# November 2016 POTM Winner



## snowbear (Dec 11, 2016)

Congratulations to @thereyougo! for _The Majesty of the Shepherd.
_


----------



## ZombiesniperJr (Dec 11, 2016)

Congrats


----------



## Peeb (Dec 11, 2016)

Nice!


----------



## Raj_55555 (Dec 11, 2016)

Amazing!! Well deserved..


----------



## jcdeboever (Dec 11, 2016)

Fantastic image. There were a lot in November. Congrats

Sent from my XT1254 using ThePhotoForum.com mobile app


----------



## MSnowy (Dec 11, 2016)

Very nice! Congrats


----------



## thereyougo! (Dec 11, 2016)

Thanks everyone, am honoured


----------



## zombiesniper (Dec 11, 2016)

Congrats!


----------



## Dean_Gretsch (Dec 11, 2016)

Such a beautiful sight!

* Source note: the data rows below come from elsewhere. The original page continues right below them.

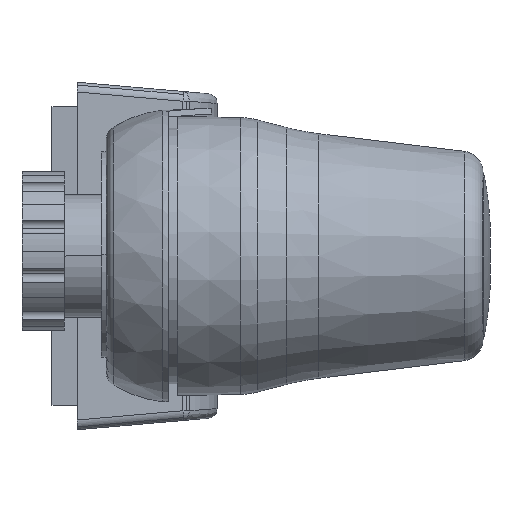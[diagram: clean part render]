
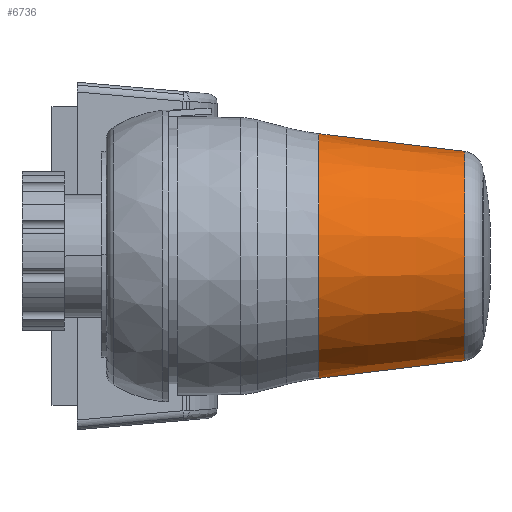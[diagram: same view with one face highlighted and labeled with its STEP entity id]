
A CAD part, left-side view. The second image highlights one B-rep face of the part: STEP entity #6736.
In plain terms, the highlighted conical face has half-angle 6.911 degrees and reference radius 23.387 mm.
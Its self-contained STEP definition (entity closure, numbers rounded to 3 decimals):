
#6285=CARTESIAN_POINT('',(0.,-84.315,-21.381));
#6286=VERTEX_POINT('',#6285);
#6296=CARTESIAN_POINT('',(0.0,-84.315,21.381));
#6297=VERTEX_POINT('',#6296);
#6534=CARTESIAN_POINT('',(0.0,-54.553,24.989));
#6535=VERTEX_POINT('',#6534);
#6536=CARTESIAN_POINT('',(0.0,-84.315,21.381));
#6537=DIRECTION('',(0.0,0.993,0.12));
#6538=VECTOR('',#6537,29.98);
#6539=LINE('',#6536,#6538);
#6540=EDGE_CURVE('',#6297,#6535,#6539,.T.);
#6543=CARTESIAN_POINT('',(0.,-54.553,-24.989));
#6544=VERTEX_POINT('',#6543);
#6545=CARTESIAN_POINT('',(0.,-54.553,-24.989));
#6546=DIRECTION('',(0.,-0.993,0.12));
#6547=VECTOR('',#6546,29.98);
#6548=LINE('',#6545,#6547);
#6549=EDGE_CURVE('',#6544,#6286,#6548,.T.);
#6649=CARTESIAN_POINT('',(0.0,-54.553,0.0));
#6650=DIRECTION('',(0.0,1.0,0.0));
#6651=DIRECTION('',(0.0,0.0,-1.0));
#6652=AXIS2_PLACEMENT_3D('',#6649,#6650,#6651);
#6653=CIRCLE('',#6652,24.989);
#6654=EDGE_CURVE('',#6544,#6535,#6653,.T.);
#6719=CARTESIAN_POINT('',(0.0,-67.763,0.0));
#6720=DIRECTION('',(0.,1.0,0.0));
#6721=DIRECTION('',(0.0,0.0,1.0));
#6722=AXIS2_PLACEMENT_3D('',#6719,#6720,#6721);
#6723=CONICAL_SURFACE('',#6722,23.387,6.911);
#6724=ORIENTED_EDGE('',*,*,#6540,.T.);
#6725=ORIENTED_EDGE('',*,*,#6654,.F.);
#6726=ORIENTED_EDGE('',*,*,#6549,.T.);
#6727=CARTESIAN_POINT('',(0.0,-84.315,0.0));
#6728=DIRECTION('',(0.0,-1.0,0.0));
#6729=DIRECTION('',(1.0,0.0,0.0));
#6730=AXIS2_PLACEMENT_3D('',#6727,#6728,#6729);
#6731=CIRCLE('',#6730,21.381);
#6732=EDGE_CURVE('',#6297,#6286,#6731,.T.);
#6733=ORIENTED_EDGE('',*,*,#6732,.F.);
#6734=EDGE_LOOP('',(#6724,#6725,#6726,#6733));
#6735=FACE_OUTER_BOUND('',#6734,.T.);
#6736=ADVANCED_FACE('',(#6735),#6723,.T.);
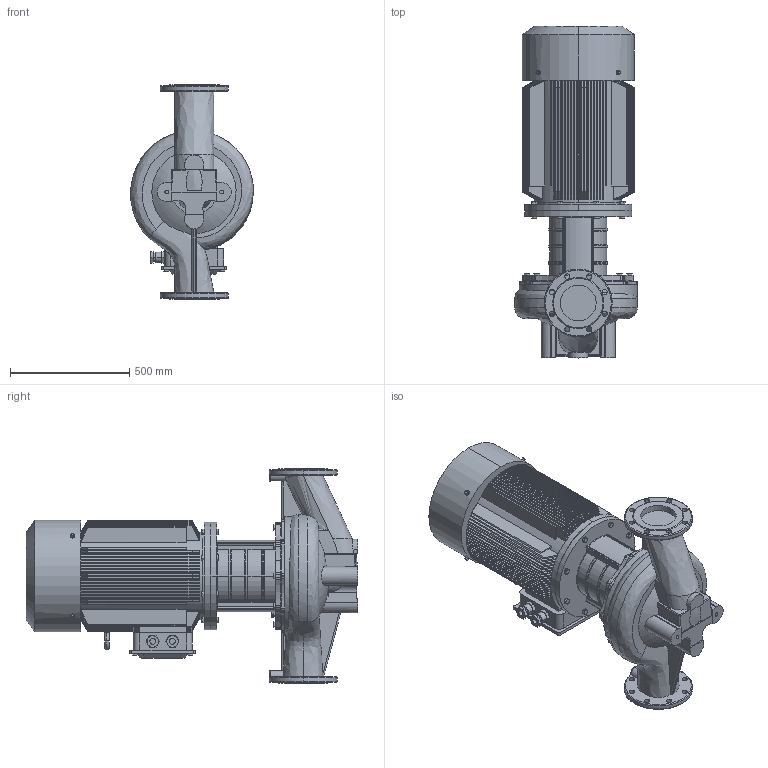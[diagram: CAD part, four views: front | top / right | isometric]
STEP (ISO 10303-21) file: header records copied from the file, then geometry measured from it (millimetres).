
FILE_DESCRIPTION (( 'STEP AP203' ), '1' );
FILE_NAME ('TD150-50G／4.STEP', '2026-09-07T03:03:50', ( '' ), ( '' ), 'SwSTEP 2.0', 'SolidWorks 2020', '' );
FILE_SCHEMA (( 'CONFIG_CONTROL_DESIGN' ));
Length unit declared in the file: millimetre
Products named in the file (1): TD150-50Gㄞ4
Bounding box: 514.71 x 1393 x 900 mm (x, y, z)
Volume: 187858913 mm3; surface area: 7143089.9 mm2
Topology: 1 solids, 13 shells, 1894 faces, 4780 edges, 2957 vertices
Faces by surface type: plane 780, cone 498, cylinder 471, torus 90, sphere 28, bspline 27
Entity records: 79535 total; most frequent: CARTESIAN_POINT 35105, ORIENTED_EDGE 9504, DIRECTION 9099, EDGE_CURVE 4752, AXIS2_PLACEMENT_3D 3633, VERTEX_POINT 2957, EDGE_LOOP 2019, ADVANCED_FACE 1894
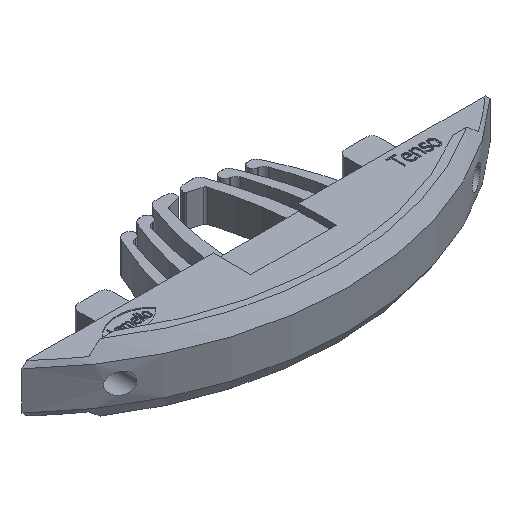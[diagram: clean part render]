
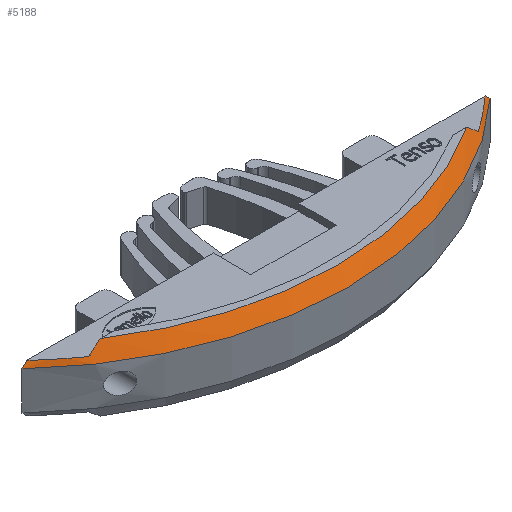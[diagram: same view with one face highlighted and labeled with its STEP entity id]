
A CAD part, isometric view. The second image highlights one B-rep face of the part: STEP entity #5188.
In plain terms, the highlighted conical face has half-angle 35 degrees and reference radius 48.542 mm.
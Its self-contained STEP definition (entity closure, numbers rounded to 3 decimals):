
#16=CONICAL_SURFACE('',#5500,48.543,0.611);
#379=(
BOUNDED_CURVE()
B_SPLINE_CURVE(2,(#6626,#6627,#6628),.UNSPECIFIED.,.F.,.F.)
B_SPLINE_CURVE_WITH_KNOTS((3,3),(7385.384,7460.341),
 .UNSPECIFIED.)
CURVE()
GEOMETRIC_REPRESENTATION_ITEM()
RATIONAL_B_SPLINE_CURVE((810.511,812.839,815.13))
REPRESENTATION_ITEM('')
);
#380=(
BOUNDED_CURVE()
B_SPLINE_CURVE(2,(#6633,#6634,#6635),.UNSPECIFIED.,.F.,.F.)
B_SPLINE_CURVE_WITH_KNOTS((3,3),(16964.729,17039.685),
 .UNSPECIFIED.)
CURVE()
GEOMETRIC_REPRESENTATION_ITEM()
RATIONAL_B_SPLINE_CURVE((815.13,812.839,810.511))
REPRESENTATION_ITEM('')
);
#382=(
BOUNDED_CURVE()
B_SPLINE_CURVE(2,(#9398,#9399,#9400),.UNSPECIFIED.,.F.,.F.)
B_SPLINE_CURVE_WITH_KNOTS((3,3),(8346.136,8542.464),
 .UNSPECIFIED.)
CURVE()
GEOMETRIC_REPRESENTATION_ITEM()
RATIONAL_B_SPLINE_CURVE((778.95,783.351,787.527))
REPRESENTATION_ITEM('')
);
#385=(
BOUNDED_CURVE()
B_SPLINE_CURVE(2,(#9424,#9425,#9426),.UNSPECIFIED.,.F.,.F.)
B_SPLINE_CURVE_WITH_KNOTS((3,3),(8346.136,8542.464),
 .UNSPECIFIED.)
CURVE()
GEOMETRIC_REPRESENTATION_ITEM()
RATIONAL_B_SPLINE_CURVE((778.95,783.351,787.527))
REPRESENTATION_ITEM('')
);
#473=CIRCLE('',#5360,50.);
#479=CIRCLE('',#5447,49.51);
#481=CIRCLE('',#5449,49.51);
#484=CIRCLE('',#5459,48.53);
#769=FACE_OUTER_BOUND('',#1080,.T.);
#1080=EDGE_LOOP('',(#4748,#4749,#4750,#4751,#4752,#4753,#4754,#4755));
#2017=VERTEX_POINT('',#6623);
#2018=VERTEX_POINT('',#6625);
#2019=VERTEX_POINT('',#6630);
#2020=VERTEX_POINT('',#6632);
#2482=VERTEX_POINT('',#9386);
#2485=VERTEX_POINT('',#9392);
#2486=VERTEX_POINT('',#9397);
#2493=VERTEX_POINT('',#9423);
#2533=EDGE_CURVE('',#2017,#2018,#379,.T.);
#2536=EDGE_CURVE('',#2019,#2020,#380,.T.);
#2732=EDGE_CURVE('',#2020,#2017,#473,.T.);
#3206=EDGE_CURVE('',#2482,#2018,#479,.F.);
#3210=EDGE_CURVE('',#2485,#2019,#481,.T.);
#3211=EDGE_CURVE('',#2485,#2486,#382,.T.);
#3221=EDGE_CURVE('',#2493,#2482,#385,.F.);
#3225=EDGE_CURVE('',#2493,#2486,#484,.T.);
#4748=ORIENTED_EDGE('',*,*,#3211,.T.);
#4749=ORIENTED_EDGE('',*,*,#3225,.F.);
#4750=ORIENTED_EDGE('',*,*,#3221,.T.);
#4751=ORIENTED_EDGE('',*,*,#3206,.T.);
#4752=ORIENTED_EDGE('',*,*,#2533,.F.);
#4753=ORIENTED_EDGE('',*,*,#2732,.F.);
#4754=ORIENTED_EDGE('',*,*,#2536,.F.);
#4755=ORIENTED_EDGE('',*,*,#3210,.F.);
#5188=ADVANCED_FACE('',(#769),#16,.T.);
#5360=AXIS2_PLACEMENT_3D('',#7028,#5944,#5945);
#5447=AXIS2_PLACEMENT_3D('',#9387,#6398,#6399);
#5449=AXIS2_PLACEMENT_3D('',#9394,#6404,#6405);
#5459=AXIS2_PLACEMENT_3D('',#9432,#6432,#6433);
#5500=AXIS2_PLACEMENT_3D('',#9500,#6537,#6538);
#5944=DIRECTION('center_axis',(0.,0.,-1.));
#5945=DIRECTION('ref_axis',(-0.3,-0.954,0.));
#6398=DIRECTION('center_axis',(0.,0.,1.));
#6399=DIRECTION('ref_axis',(0.707,-0.707,0.));
#6404=DIRECTION('center_axis',(0.,0.,1.));
#6405=DIRECTION('ref_axis',(0.707,-0.707,0.));
#6432=DIRECTION('center_axis',(0.,0.,1.));
#6433=DIRECTION('ref_axis',(0.707,-0.707,0.));
#6537=DIRECTION('center_axis',(0.,0.,-1.));
#6538=DIRECTION('ref_axis',(0.707,-0.707,0.));
#6623=CARTESIAN_POINT('',(-34.172,0.,2.8));
#6625=CARTESIAN_POINT('',(-33.451,0.,3.5));
#6626=CARTESIAN_POINT('Ctrl Pts',(-34.172,0.,
2.8));
#6627=CARTESIAN_POINT('Ctrl Pts',(-33.81,0.,
3.154));
#6628=CARTESIAN_POINT('Ctrl Pts',(-33.451,0.,
3.5));
#6630=CARTESIAN_POINT('',(33.451,0.,3.5));
#6632=CARTESIAN_POINT('',(34.172,0.,2.8));
#6633=CARTESIAN_POINT('Ctrl Pts',(33.451,0.,
3.5));
#6634=CARTESIAN_POINT('Ctrl Pts',(33.81,0.,
3.154));
#6635=CARTESIAN_POINT('Ctrl Pts',(34.172,0.,
2.8));
#7028=CARTESIAN_POINT('Origin',(0.,36.5,2.8));
#9386=CARTESIAN_POINT('',(-28.478,-4.,3.5));
#9387=CARTESIAN_POINT('Origin',(0.,36.5,3.5));
#9392=CARTESIAN_POINT('',(28.478,-4.,3.5));
#9394=CARTESIAN_POINT('Origin',(0.,36.5,3.5));
#9397=CARTESIAN_POINT('',(26.737,-4.,4.9));
#9398=CARTESIAN_POINT('Ctrl Pts',(28.478,-4.,3.5));
#9399=CARTESIAN_POINT('Ctrl Pts',(27.599,-4.,4.222));
#9400=CARTESIAN_POINT('Ctrl Pts',(26.737,-4.,4.9));
#9423=CARTESIAN_POINT('',(-26.737,-4.,4.9));
#9424=CARTESIAN_POINT('Ctrl Pts',(-28.478,-4.,3.5));
#9425=CARTESIAN_POINT('Ctrl Pts',(-27.599,-4.,4.222));
#9426=CARTESIAN_POINT('Ctrl Pts',(-26.737,-4.,4.9));
#9432=CARTESIAN_POINT('Origin',(0.,36.5,4.9));
#9500=CARTESIAN_POINT('Origin',(0.,36.5,4.882));
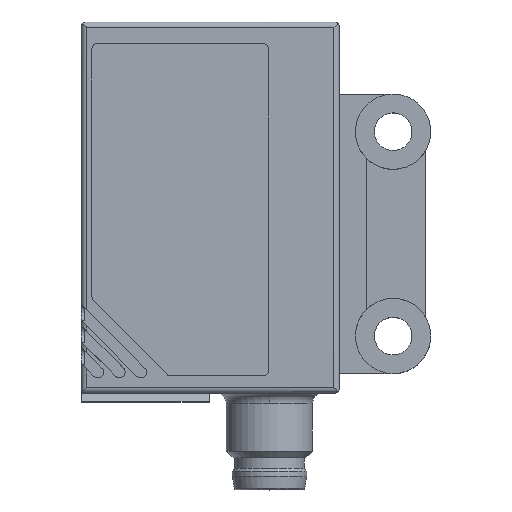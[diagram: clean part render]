
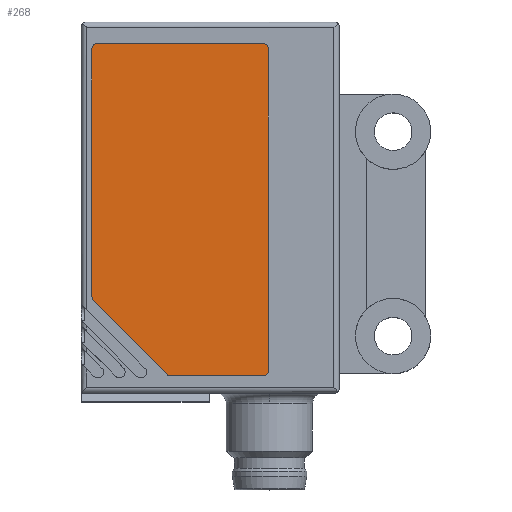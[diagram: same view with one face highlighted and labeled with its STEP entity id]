
A CAD part, top view. The second image highlights one B-rep face of the part: STEP entity #268.
In plain terms, the highlighted planar face has unit normal (0, 0, 1).
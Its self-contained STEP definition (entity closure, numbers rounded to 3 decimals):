
#268 = ADVANCED_FACE( '', ( #617 ), #618, .T. );
#617 = FACE_OUTER_BOUND( '', #1024, .T. );
#618 = PLANE( '', #1025 );
#1024 = EDGE_LOOP( '', ( #2326, #2327, #2328, #2329, #2330, #2331, #2332, #2333, #2334, #2335 ) );
#1025 = AXIS2_PLACEMENT_3D( '', #2336, #2337, #2338 );
#2326 = ORIENTED_EDGE( '', *, *, #3177, .T. );
#2327 = ORIENTED_EDGE( '', *, *, #3174, .T. );
#2328 = ORIENTED_EDGE( '', *, *, #3171, .T. );
#2329 = ORIENTED_EDGE( '', *, *, #3168, .T. );
#2330 = ORIENTED_EDGE( '', *, *, #3165, .T. );
#2331 = ORIENTED_EDGE( '', *, *, #3162, .T. );
#2332 = ORIENTED_EDGE( '', *, *, #3181, .T. );
#2333 = ORIENTED_EDGE( '', *, *, #3184, .T. );
#2334 = ORIENTED_EDGE( '', *, *, #3187, .T. );
#2335 = ORIENTED_EDGE( '', *, *, #3189, .T. );
#2336 = CARTESIAN_POINT( '', ( 0., 0., 5.35 ) );
#2337 = DIRECTION( '', ( 0., 0., 1. ) );
#2338 = DIRECTION( '', ( 1., 0., 0. ) );
#3162 = EDGE_CURVE( '', #3965, #3963, #3966, .T. );
#3165 = EDGE_CURVE( '', #3970, #3965, #3971, .T. );
#3168 = EDGE_CURVE( '', #3975, #3970, #3976, .T. );
#3171 = EDGE_CURVE( '', #3980, #3975, #3981, .T. );
#3174 = EDGE_CURVE( '', #3985, #3980, #3986, .T. );
#3177 = EDGE_CURVE( '', #3990, #3985, #3991, .T. );
#3181 = EDGE_CURVE( '', #3963, #3995, #3997, .T. );
#3184 = EDGE_CURVE( '', #3995, #4000, #4002, .T. );
#3187 = EDGE_CURVE( '', #4000, #4005, #4007, .T. );
#3189 = EDGE_CURVE( '', #4005, #3990, #4009, .T. );
#3963 = VERTEX_POINT( '', #5118 );
#3965 = VERTEX_POINT( '', #5121 );
#3966 = LINE( '', #5122, #5123 );
#3970 = VERTEX_POINT( '', #5128 );
#3971 = CIRCLE( '', #5129, 0.5 );
#3975 = VERTEX_POINT( '', #5135 );
#3976 = LINE( '', #5136, #5137 );
#3980 = VERTEX_POINT( '', #5142 );
#3981 = CIRCLE( '', #5143, 0.3 );
#3985 = VERTEX_POINT( '', #5149 );
#3986 = LINE( '', #5150, #5151 );
#3990 = VERTEX_POINT( '', #5156 );
#3991 = CIRCLE( '', #5157, 0.3 );
#3995 = VERTEX_POINT( '', #5162 );
#3997 = CIRCLE( '', #5165, 0.5 );
#4000 = VERTEX_POINT( '', #5169 );
#4002 = LINE( '', #5172, #5173 );
#4005 = VERTEX_POINT( '', #5176 );
#4007 = CIRCLE( '', #5179, 0.5 );
#4009 = LINE( '', #5182, #5183 );
#5118 = CARTESIAN_POINT( '', ( -0.1, 41., 5.35 ) );
#5121 = CARTESIAN_POINT( '', ( -0.1, 11.1, 5.35 ) );
#5122 = CARTESIAN_POINT( '', ( -0.1, 11.1, 5.35 ) );
#5123 = VECTOR( '', #6007, 1. );
#5128 = CARTESIAN_POINT( '', ( -0.6, 10.6, 5.35 ) );
#5129 = AXIS2_PLACEMENT_3D( '', #6012, #6013, #6014 );
#5135 = CARTESIAN_POINT( '', ( -9.274, 10.6, 5.35 ) );
#5136 = CARTESIAN_POINT( '', ( -9.274, 10.6, 5.35 ) );
#5137 = VECTOR( '', #6017, 1. );
#5142 = CARTESIAN_POINT( '', ( -9.488, 10.69, 5.35 ) );
#5143 = AXIS2_PLACEMENT_3D( '', #6022, #6023, #6024 );
#5149 = CARTESIAN_POINT( '', ( -16.414, 17.732, 5.35 ) );
#5150 = CARTESIAN_POINT( '', ( -16.414, 17.732, 5.35 ) );
#5151 = VECTOR( '', #6027, 1. );
#5156 = CARTESIAN_POINT( '', ( -16.5, 17.943, 5.35 ) );
#5157 = AXIS2_PLACEMENT_3D( '', #6032, #6033, #6034 );
#5162 = CARTESIAN_POINT( '', ( -0.6, 41.5, 5.35 ) );
#5165 = AXIS2_PLACEMENT_3D( '', #6040, #6041, #6042 );
#5169 = CARTESIAN_POINT( '', ( -16., 41.5, 5.35 ) );
#5172 = CARTESIAN_POINT( '', ( -0.6, 41.5, 5.35 ) );
#5173 = VECTOR( '', #6045, 1. );
#5176 = CARTESIAN_POINT( '', ( -16.5, 41., 5.35 ) );
#5179 = AXIS2_PLACEMENT_3D( '', #6050, #6051, #6052 );
#5182 = CARTESIAN_POINT( '', ( -16.5, 41., 5.35 ) );
#5183 = VECTOR( '', #6054, 1. );
#6007 = DIRECTION( '', ( 0., 1., 0. ) );
#6012 = CARTESIAN_POINT( '', ( -0.6, 11.1, 5.35 ) );
#6013 = DIRECTION( '', ( 0., 0., 1. ) );
#6014 = DIRECTION( '', ( 0., -1., 0. ) );
#6017 = DIRECTION( '', ( 1., 0., 0. ) );
#6022 = CARTESIAN_POINT( '', ( -9.274, 10.9, 5.35 ) );
#6023 = DIRECTION( '', ( 0., 0., 1. ) );
#6024 = DIRECTION( '', ( -0.713, -0.701, 0. ) );
#6027 = DIRECTION( '', ( 0.701, -0.713, 0. ) );
#6032 = CARTESIAN_POINT( '', ( -16.2, 17.943, 5.35 ) );
#6033 = DIRECTION( '', ( 0., 0., 1. ) );
#6034 = DIRECTION( '', ( -1., 0., 0. ) );
#6040 = CARTESIAN_POINT( '', ( -0.6, 41., 5.35 ) );
#6041 = DIRECTION( '', ( 0., 0., 1. ) );
#6042 = DIRECTION( '', ( 1., 0., 0. ) );
#6045 = DIRECTION( '', ( -1., 0., 0. ) );
#6050 = CARTESIAN_POINT( '', ( -16., 41., 5.35 ) );
#6051 = DIRECTION( '', ( 0., 0., 1. ) );
#6052 = DIRECTION( '', ( 0., 1., 0. ) );
#6054 = DIRECTION( '', ( 0., -1., 0. ) );

It would be so inspiring to get to view that in person. Thank you for sharing.


----------



## JacaRanda (Jan 2, 2017)

Congrats and wonderful image! Would love to see it print. 

Sent from my SM-N930V using ThePhotoForum.com mobile app


----------



## goooner (Jan 3, 2017)

Congrats, it is a spectacular image.


----------